• PROMPT
Within the records below, how many lines hold the word "name"? Only the number should be returned.

-- DATASET EXTRACT follows --

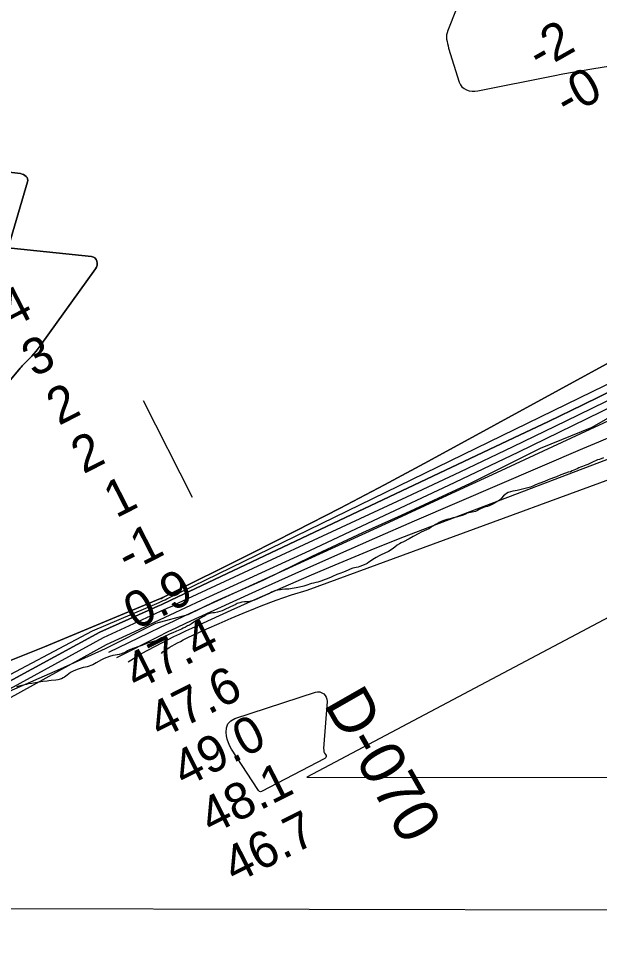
# Model space of a CAD drawing. Extents: x 3177385 to 3215275, y 903885 to 929304.
# Drawn here: x 3190624 to 3191696, y 909264 to 910956 of the extents above; entities that cross this region are included whole.
import ezdxf

# ---------------------------------------------------------------- set-up
doc = ezdxf.new("R2010")
doc.units = 0
for name, color, linetype in [('V-GRID-FRAM', 7, 'Continuous'), ('V-RIVR-EDGE', 7, 'Continuous'), ('V-RIVR-RANG', 7, 'Continuous'), ('V-RIVR-RANG-IDEN', 7, 'Continuous'), ('V-SITE-VEGE', 7, 'Continuous'), ('V-TOPO-BNDY', 7, 'Continuous'), ('V-TOPO-DPTH', 7, 'Continuous'), ('V-TOPO-MAJR', 7, 'Continuous'), ('V-TOPO-MINR', 7, 'Continuous'), ('V-TOPO-WATR', 7, 'Continuous')]:
    doc.layers.add(name, color=color, linetype=linetype)

msp = doc.modelspace()

# ---------------------------------------------------------------- linework, layer by layer
at = {"layer": 'V-GRID-FRAM'}
msp.add_lwpolyline([(3181653.7, 927525.9), (3181603.5, 909337.1), (3212939.2, 909264.2), (3212973.6, 927453), (3181653.7, 927525.9)], dxfattribs=at)
at = {"layer": 'V-RIVR-EDGE'}
msp.add_lwpolyline([(3190607.3, 909716.4), (3190701.7, 909757.9), (3190784.4, 909795), (3190877.1, 909841.8), (3190936.7, 909857.7), (3190985.9, 909881.5), (3191075.1, 909921.2), (3191165.2, 909965.4), (3191259.2, 910008.6), (3191330.1, 910041), (3191457.2, 910099.8), (3191586.4, 910164.3), (3191682.1, 910203.2), (3191755.7, 910245.6)], dxfattribs=at)
at = {"layer": 'V-RIVR-RANG'}
msp.add_line((3190945, 910073.2), (3190854.6, 910251.6), dxfattribs=at)
at = {"layer": 'V-SITE-VEGE'}
for p, q in [((3191684.8, 910139.7), (3191673.8, 910134)), ((3191688.1, 910141.1), (3191684.8, 910139.7)), ((3191691.7, 910142.6), (3191688.1, 910141.1)), ((3191695.6, 910143.6), (3191691.7, 910142.6)), ((3191702.9, 910146.5), (3191695.6, 910143.6)), ((3191632.8, 910118.1), (3191624.2, 910114.8)), ((3191637.5, 910119.7), (3191632.8, 910118.1)), ((3191641.6, 910120.9), (3191637.5, 910119.7)), ((3191644.9, 910122.2), (3191641.6, 910120.9)), ((3191654, 910126.1), (3191644.9, 910122.2)), ((3191657.1, 910127.8), (3191654, 910126.1)), ((3191660.4, 910129.3), (3191657.1, 910127.8)), ((3191664.1, 910130.5), (3191660.4, 910129.3)), ((3191670.1, 910133), (3191664.1, 910130.5)), ((3191671.8, 910133.4), (3191670.1, 910133)), ((3191673.8, 910134), (3191671.8, 910133.4)), ((3191593.9, 910102.7), (3191585.3, 910099.6)), ((3191600.9, 910105.9), (3191593.9, 910102.7)), ((3191604, 910106.9), (3191600.9, 910105.9)), ((3191612.4, 910110.2), (3191604, 910106.9)), ((3191616.3, 910111.4), (3191612.4, 910110.2)), ((3191624.2, 910114.8), (3191616.3, 910111.4)), ((3191535.8, 910084.8), (3191527, 910082.3)), ((3191540, 910085.8), (3191535.8, 910084.8)), ((3191543.5, 910086.3), (3191540, 910085.8)), ((3191551, 910088.2), (3191543.5, 910086.3)), ((3191567.9, 910092.6), (3191551, 910088.2)), ((3191573.4, 910094.7), (3191567.9, 910092.6)), ((3191577.6, 910096.5), (3191573.4, 910094.7)), ((3191585.3, 910099.6), (3191577.6, 910096.5)), ((3191509.2, 910067.4), (3191505, 910064.9)), ((3191511.9, 910069.3), (3191509.2, 910067.4)), ((3191514.8, 910072.1), (3191511.9, 910069.3)), ((3191518.4, 910076.2), (3191514.8, 910072.1)), ((3191520.8, 910078.5), (3191518.4, 910076.2)), ((3191523.7, 910080.7), (3191520.8, 910078.5)), ((3191527, 910082.3), (3191523.7, 910080.7)), ((3191473.5, 910050.9), (3191470.6, 910049.2)), ((3191481.2, 910054.7), (3191473.5, 910050.9)), ((3191485.2, 910055.9), (3191481.2, 910054.7)), ((3191488.5, 910056.7), (3191485.2, 910055.9)), ((3191497.5, 910060.7), (3191488.5, 910056.7)), ((3191505, 910064.9), (3191497.5, 910060.7)), ((3191413.7, 910033), (3191406.3, 910030.5)), ((3191420.1, 910034.2), (3191413.7, 910033)), ((3191425.2, 910035.8), (3191420.1, 910034.2)), ((3191426.9, 910036), (3191425.2, 910035.8)), ((3191431.3, 910037), (3191426.9, 910036)), ((3191437.5, 910038.8), (3191431.3, 910037)), ((3191444, 910040.9), (3191437.5, 910038.8)), ((3191448, 910042.5), (3191444, 910040.9)), ((3191451.5, 910044.2), (3191448, 910042.5)), ((3191463.4, 910047), (3191451.5, 910044.2)), ((3191466.9, 910047.6), (3191463.4, 910047)), ((3191470.6, 910049.2), (3191466.9, 910047.6)), ((3191381.7, 910016.4), (3191379.1, 910014.9)), ((3191385.5, 910019), (3191381.7, 910016.4)), ((3191389.3, 910021.1), (3191385.5, 910019)), ((3191393, 910023.6), (3191389.3, 910021.1)), ((3191395.7, 910025.1), (3191393, 910023.6)), ((3191399.9, 910027), (3191395.7, 910025.1)), ((3191403.6, 910028.8), (3191399.9, 910027)), ((3191406.3, 910030.5), (3191403.6, 910028.8)), ((3191351.7, 910001.3), (3191344.2, 909996.9)), ((3191361.9, 910007), (3191351.7, 910001.3)), ((3191366.7, 910009.5), (3191361.9, 910007)), ((3191376.2, 910013.9), (3191366.7, 910009.5)), ((3191379.1, 910014.9), (3191376.2, 910013.9)), ((3191322.5, 909985.6), (3191317.7, 909982)), ((3191326.5, 909987.7), (3191322.5, 909985.6)), ((3191329.6, 909989.6), (3191326.5, 909987.7)), ((3191333.6, 909991.5), (3191329.6, 909989.6)), ((3191344.2, 909996.9), (3191333.6, 909991.5)), ((3191288.9, 909966), (3191283.2, 909962.8)), ((3191292.9, 909967.9), (3191288.9, 909966)), ((3191299.3, 909970.6), (3191292.9, 909967.9)), ((3191306.1, 909973.9), (3191299.3, 909970.6)), ((3191313, 909978.4), (3191306.1, 909973.9)), ((3191317.7, 909982), (3191313, 909978.4)), ((3191264.4, 909950.6), (3191253.4, 909946)), ((3191267.2, 909952), (3191264.4, 909950.6)), ((3191270.1, 909953.9), (3191267.2, 909952)), ((3191272.8, 909956.1), (3191270.1, 909953.9)), ((3191277.4, 909959.2), (3191272.8, 909956.1)), ((3191280.3, 909961.1), (3191277.4, 909959.2)), ((3191283.2, 909962.8), (3191280.3, 909961.1)), ((3191210.9, 909931.6), (3191202.7, 909927.9)), ((3191216.2, 909933.5), (3191210.9, 909931.6)), ((3191223.4, 909935.7), (3191216.2, 909933.5)), ((3191227.8, 909937.4), (3191223.4, 909935.7)), ((3191231.8, 909939.5), (3191227.8, 909937.4)), ((3191235.3, 909941.1), (3191231.8, 909939.5)), ((3191240.6, 909943), (3191235.3, 909941.1)), ((3191243.7, 909943.6), (3191240.6, 909943)), ((3191246.6, 909944.6), (3191243.7, 909943.6)), ((3191250.1, 909945.2), (3191246.6, 909944.6)), ((3191253.4, 909946), (3191250.1, 909945.2)), ((3191164.5, 909914.9), (3191153.9, 909911.2)), ((3191167.8, 909915.5), (3191164.5, 909914.9)), ((3191172.1, 909916.7), (3191167.8, 909915.5)), ((3191175.7, 909917.5), (3191172.1, 909916.7)), ((3191179.6, 909918.7), (3191175.7, 909917.5)), ((3191183.4, 909919.8), (3191179.6, 909918.7)), ((3191187.8, 909921.6), (3191183.4, 909919.8)), ((3191191.3, 909922.9), (3191187.8, 909921.6)), ((3191199, 909926), (3191191.3, 909922.9)), ((3191202.7, 909927.9), (3191199, 909926)), ((3191090.5, 909898.8), (3191086.8, 909896.7)), ((3191093.6, 909900.3), (3191090.5, 909898.8)), ((3191098.2, 909901.7), (3191093.6, 909900.3)), ((3191102.4, 909902.3), (3191098.2, 909901.7)), ((3191107, 909903), (3191102.4, 909902.3)), ((3191110.3, 909903.8), (3191107, 909903)), ((3191114.9, 909904.4), (3191110.3, 909903.8)), ((3191119.5, 909904.7), (3191114.9, 909904.4)), ((3191122.5, 909904.7), (3191119.5, 909904.7)), ((3191128.9, 909905.4), (3191122.5, 909904.7)), ((3191135.7, 909906.6), (3191128.9, 909905.4)), ((3191139.2, 909907.6), (3191135.7, 909906.6)), ((3191142.3, 909908.2), (3191139.2, 909907.6)), ((3191150.4, 909910.2), (3191142.3, 909908.2)), ((3191153.9, 909911.2), (3191150.4, 909910.2)), ((3191040.4, 909880.9), (3191036, 909880.3)), ((3191048.9, 909881.1), (3191040.4, 909880.9)), ((3191052.4, 909882.1), (3191048.9, 909881.1)), ((3191059, 909884.4), (3191052.4, 909882.1)), ((3191065.8, 909887.1), (3191059, 909884.4)), ((3191079.7, 909893.1), (3191065.8, 909887.1)), ((3191082.4, 909894.6), (3191079.7, 909893.1)), ((3191086.8, 909896.7), (3191082.4, 909894.6)), ((3190999.4, 909864.7), (3190995, 909863.5)), ((3191005.4, 909867.6), (3190999.4, 909864.7)), ((3191020.6, 909874.1), (3191005.4, 909867.6)), ((3191023.7, 909875.6), (3191020.6, 909874.1)), ((3191027, 909877.7), (3191023.7, 909875.6)), ((3191031.8, 909879.5), (3191027, 909877.7)), ((3191036, 909880.3), (3191031.8, 909879.5)), ((3190953, 909847.4), (3190949.4, 909845)), ((3190960.5, 909851.8), (3190953, 909847.4)), ((3190963.6, 909853.3), (3190960.5, 909851.8)), ((3190966.7, 909854.9), (3190963.6, 909853.3)), ((3190970.9, 909857.5), (3190966.7, 909854.9)), ((3190974.4, 909858.9), (3190970.9, 909857.5)), ((3190978.6, 909859.9), (3190974.4, 909858.9)), ((3190982.5, 909860.7), (3190978.6, 909859.9)), ((3190985.6, 909860.9), (3190982.5, 909860.7)), ((3190991.1, 909862.1), (3190985.6, 909860.9)), ((3190995, 909863.5), (3190991.1, 909862.1)), ((3190924.4, 909830.9), (3190915.4, 909827.2)), ((3190927.5, 909832.6), (3190924.4, 909830.9)), ((3190931.9, 909834.5), (3190927.5, 909832.6)), ((3190935.7, 909836.6), (3190931.9, 909834.5)), ((3190939.2, 909838.3), (3190935.7, 909836.6)), ((3190943.2, 909840.4), (3190939.2, 909838.3)), ((3190949.4, 909845), (3190943.2, 909840.4)), ((3190887.6, 909814.7), (3190881.7, 909811.3)), ((3190890.5, 909816.2), (3190887.6, 909814.7)), ((3190894.2, 909817.8), (3190890.5, 909816.2)), ((3190898.9, 909819.7), (3190894.2, 909817.8)), ((3190902.6, 909821.6), (3190898.9, 909819.7)), ((3190909.5, 909824.7), (3190902.6, 909821.6)), ((3190912.8, 909825.7), (3190909.5, 909824.7)), ((3190915.4, 909827.2), (3190912.8, 909825.7)), ((3190839, 909796.1), (3190835, 909794.8)), ((3190842.3, 909797.5), (3190839, 909796.1)), ((3190851.1, 909800.8), (3190842.3, 909797.5)), ((3190855.5, 909802.3), (3190851.1, 909800.8)), ((3190863.8, 909805.4), (3190855.5, 909802.3)), ((3190877.5, 909809.4), (3190863.8, 909805.4)), ((3190881.7, 909811.3), (3190877.5, 909809.4)), ((3190791.9, 909780.5), (3190787.1, 909778.8)), ((3190798.1, 909782.1), (3190791.9, 909780.5)), ((3190802.2, 909782.7), (3190798.1, 909782.1)), ((3190805.7, 909783.5), (3190802.2, 909782.7)), ((3190809.7, 909784), (3190805.7, 909783.5)), ((3190813.8, 909785), (3190809.7, 909784)), ((3190816.5, 909786.5), (3190813.8, 909785)), ((3190820.5, 909787.9), (3190816.5, 909786.5)), ((3190825.1, 909790.7), (3190820.5, 909787.9)), ((3190828.4, 909792.4), (3190825.1, 909790.7)), ((3190832.2, 909793.6), (3190828.4, 909792.4)), ((3190835, 909794.8), (3190832.2, 909793.6)), ((3190761.2, 909765.2), (3190750.5, 909761.5)), ((3190767.2, 909768.6), (3190761.2, 909765.2)), ((3190776.7, 909774.5), (3190767.2, 909768.6)), ((3190782, 909776.5), (3190776.7, 909774.5)), ((3190787.1, 909778.8), (3190782, 909776.5)), ((3190713.7, 909746.1), (3190708.8, 909742.3)), ((3190719.6, 909750.6), (3190713.7, 909746.1)), ((3190722.3, 909752.3), (3190719.6, 909750.6)), ((3190725.8, 909753.9), (3190722.3, 909752.3)), ((3190733.8, 909757.3), (3190725.8, 909753.9)), ((3190743.2, 909759.9), (3190733.8, 909757.3)), ((3190747.4, 909760.9), (3190743.2, 909759.9)), ((3190750.5, 909761.5), (3190747.4, 909760.9)), ((3190638.6, 909728.9), (3190624.6, 909725.7)), ((3190641.5, 909730), (3190638.6, 909728.9)), ((3190648.3, 909730.7), (3190641.5, 909730)), ((3190651.3, 909731.3), (3190648.3, 909730.7)), ((3190655, 909731.6), (3190651.3, 909731.3)), ((3190659.2, 909732.6), (3190655, 909731.6)), ((3190662.3, 909733), (3190659.2, 909732.6)), ((3190665.4, 909733.8), (3190662.3, 909733)), ((3190669.1, 909734.4), (3190665.4, 909733.8)), ((3190677, 909735.1), (3190669.1, 909734.4)), ((3190680, 909735.3), (3190677, 909735.1)), ((3190684.4, 909736), (3190680, 909735.3)), ((3190692.9, 909736.9), (3190684.4, 909736)), ((3190696.4, 909737.5), (3190692.9, 909736.9)), ((3190703, 909739.4), (3190696.4, 909737.5)), ((3190706.1, 909740.8), (3190703, 909739.4)), ((3190708.8, 909742.3), (3190706.1, 909740.8)), ((3190624.6, 909725.7), (3190620, 909724.7)), ((3190007.3, 909317.5), (3195246.5, 909305.3))]:
    msp.add_line(p, q, dxfattribs=at)
at = {"layer": 'V-TOPO-BNDY'}
msp.add_lwpolyline([(3212104.8, 927455), (3211654.7, 925302.3), (3210557.1, 922651.3), (3209209.3, 920082.8), (3207894, 918536.9), (3206269, 917198.2), (3204190, 915875.2), (3202489, 914709.7), (3200914, 913922.2), (3198614.5, 912914.1), (3196094.5, 911748.6), (3194267.5, 911118.6), (3192913, 910488.6), (3191155.6, 909558.2), (3212939.7, 909531.5)], dxfattribs=at)
at = {"layer": 'V-TOPO-DPTH'}
for points in [[(3190594.8, 909767.6), (3190671.8, 909798.3), (3190886, 909887.1), (3190887.1, 909887.5), (3190890.2, 909889), (3191053.1, 909970.1), (3191135.3, 910011.6), (3191217.2, 910053.7), (3191298.6, 910096.7), (3191379.7, 910140.3), (3191862.2, 910403.3), (3191876.8, 910411.2), (3191891.4, 910419.1), (3191906, 910427.1), (3191920.6, 910435), (3192264.2, 910620.7), (3192356.7, 910671.1), (3192449, 910722), (3192540.9, 910773.5), (3192632.6, 910825.4), (3192780.4, 910909.7)], [(3192780.4, 910909.7), (3192632.6, 910825.4), (3192540.9, 910773.5), (3192449, 910722), (3192356.7, 910671.1), (3192264.2, 910620.7), (3191920.6, 910435), (3191906, 910427.1), (3191891.4, 910419.1), (3191876.8, 910411.2), (3191862.2, 910403.3), (3191379.7, 910140.3), (3191298.6, 910096.7), (3191217.2, 910053.7), (3191135.3, 910011.6), (3191053.1, 909970.1), (3190890.2, 909889), (3190887.1, 909887.5), (3190886, 909887.1), (3190671.8, 909798.3), (3190594.8, 909767.6)], [(3190773.8, 909825.2), (3190881.1, 909873.1), (3190887.1, 909875.7), (3190893, 909878.4), (3190898.9, 909881.2), (3190904.9, 909884), (3191537.1, 910183.1), (3191601, 910213.6), (3191664.9, 910244.3), (3191728.5, 910275.5), (3191792, 910306.9), (3191898.3, 910360), (3191908.5, 910365.1), (3191918.7, 910370.4), (3191928.8, 910375.8), (3191938.9, 910381.2), (3192121.7, 910481.7), (3192222.9, 910537.8), (3192324, 910594.2), (3192424.7, 910651.3), (3192525.2, 910708.7), (3192802.3, 910868.1)], [(3192802.3, 910868.1), (3192525.2, 910708.7), (3192424.7, 910651.3), (3192324, 910594.2), (3192222.9, 910537.8), (3192121.7, 910481.7), (3191938.9, 910381.2), (3191928.8, 910375.8), (3191918.7, 910370.4), (3191908.5, 910365.1), (3191898.3, 910360), (3191792, 910306.9), (3191728.5, 910275.5), (3191664.9, 910244.3), (3191601, 910213.6), (3191537.1, 910183.1), (3190904.9, 909884), (3190898.9, 909881.2), (3190893, 909878.4), (3190887.1, 909875.7), (3190881.1, 909873.1), (3190773.8, 909825.2)], [(3189907.8, 909317.8), (3190786.5, 909802.2), (3190846.3, 909830.4), (3190875, 909843.9), (3190903.7, 909857.3), (3190932.5, 909870.7), (3190961.3, 909884), (3191160.9, 909975.9), (3191289.3, 910035.6), (3191417.5, 910095.9), (3191545.2, 910157.1), (3191672.6, 910218.8), (3191886.8, 910323.6), (3191909.6, 910334.9), (3191932.2, 910346.4), (3191954.7, 910358.2), (3191977.1, 910370.2), (3192774.9, 910804.3)], [(3190485.7, 910687), (3190627.5, 910670.1), (3190630.4, 910669.4), (3190633.2, 910668.4), (3190635.7, 910666.9), (3190638, 910665), (3190639.7, 910662.7), (3190640.7, 910660.3), (3190641, 910657.7), (3190640.6, 910654.9), (3190605.9, 910537.4)], [(3190605.9, 910537.4), (3190640.6, 910654.9), (3190641, 910657.7), (3190640.7, 910660.3), (3190639.7, 910662.7), (3190638, 910665), (3190635.7, 910666.9), (3190633.2, 910668.4), (3190630.4, 910669.4), (3190627.5, 910670.1), (3190485.7, 910687)], [(3190610.2, 910532.5), (3190758.5, 910517.5), (3190762, 910516.4), (3190765, 910514.7), (3190767.1, 910512.1), (3190768.7, 910508.8), (3190769.2, 910505), (3190769, 910501.3), (3190767.8, 910497.8), (3190766, 910494.4), (3190664.2, 910352.9), (3190660.5, 910347.9), (3190656.6, 910343), (3190652.5, 910338.2), (3190648.3, 910333.6), (3190643.8, 910328.9), (3190641.7, 910326.7), (3190639.6, 910324.5), (3190637.4, 910322.4), (3190635.2, 910320.3), (3190633.1, 910318.1), (3190631, 910315.9), (3190629, 910313.7), (3190627, 910311.4), (3190486.2, 910142.7)], [(3190486.2, 910142.7), (3190627, 910311.4), (3190629, 910313.7), (3190631, 910315.9), (3190633.1, 910318.1), (3190635.2, 910320.3), (3190637.4, 910322.4), (3190639.6, 910324.5), (3190641.7, 910326.7), (3190643.8, 910328.9), (3190648.3, 910333.6), (3190652.5, 910338.2), (3190656.6, 910343), (3190660.5, 910347.9), (3190664.2, 910352.9), (3190766, 910494.4), (3190767.8, 910497.8), (3190769, 910501.3), (3190769.2, 910505), (3190768.7, 910508.8), (3190767.1, 910512.1), (3190765, 910514.7), (3190762, 910516.4), (3190758.5, 910517.5), (3190610.2, 910532.5)], [(3189840.3, 909317.9), (3190773.8, 909825.2)], [(3190773.8, 909825.2), (3189840.3, 909317.9)]]:
    msp.add_lwpolyline(points, dxfattribs=at)
at = {"layer": 'V-TOPO-MAJR'}
msp.add_lwpolyline([(3190826.3, 909770.5), (3190826.4, 909770.6), (3190850.9, 909785.9), (3190899.8, 909811.4), (3190910.6, 909816.9), (3190921.5, 909822.3), (3190932.5, 909827.6), (3190943.6, 909832.7), (3191016.4, 909865.8), (3191064, 909887.2), (3191111.8, 909908.3), (3191159.7, 909928.9), (3191207.8, 909949.2), (3191274.5, 909976.9), (3191330.7, 909999.4), (3191930.4, 910227.5)], dxfattribs=at)
at = {"layer": 'V-TOPO-MINR'}
for points in [[(3191462.9, 911053.6), (3191415.4, 910933.7), (3191414.2, 910929.8), (3191413.4, 910925.8), (3191413.2, 910921.8), (3191413.5, 910917.7), (3191414.2, 910913.6), (3191415, 910909.6), (3191416, 910905.5), (3191417.1, 910901.5), (3191436.7, 910838.7), (3191438.9, 910834), (3191441.7, 910830), (3191445.6, 910826.8), (3191450, 910824.3), (3191455.2, 910822.8), (3191460.3, 910821.8), (3191465.6, 910821.8), (3191470.9, 910822.4), (3191610.1, 910850.5), (3191627.7, 910854), (3191645.4, 910857.2), (3191663.1, 910860.3), (3191680.9, 910863.2), (3191731.2, 910871)], [(3190594.8, 909767.6), (3190671.8, 909798.3), (3190886, 909887.1), (3190887.1, 909887.5), (3190890.2, 909889), (3191053.1, 909970.1), (3191135.3, 910011.6), (3191217.2, 910053.7), (3191298.6, 910096.7), (3191379.7, 910140.3), (3191862.2, 910403.3), (3191876.8, 910411.2), (3191891.4, 910419.1), (3191906, 910427.1), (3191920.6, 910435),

-- DATASET EXTRACT concluded --

• OUTPUT FOR THIS TASK
2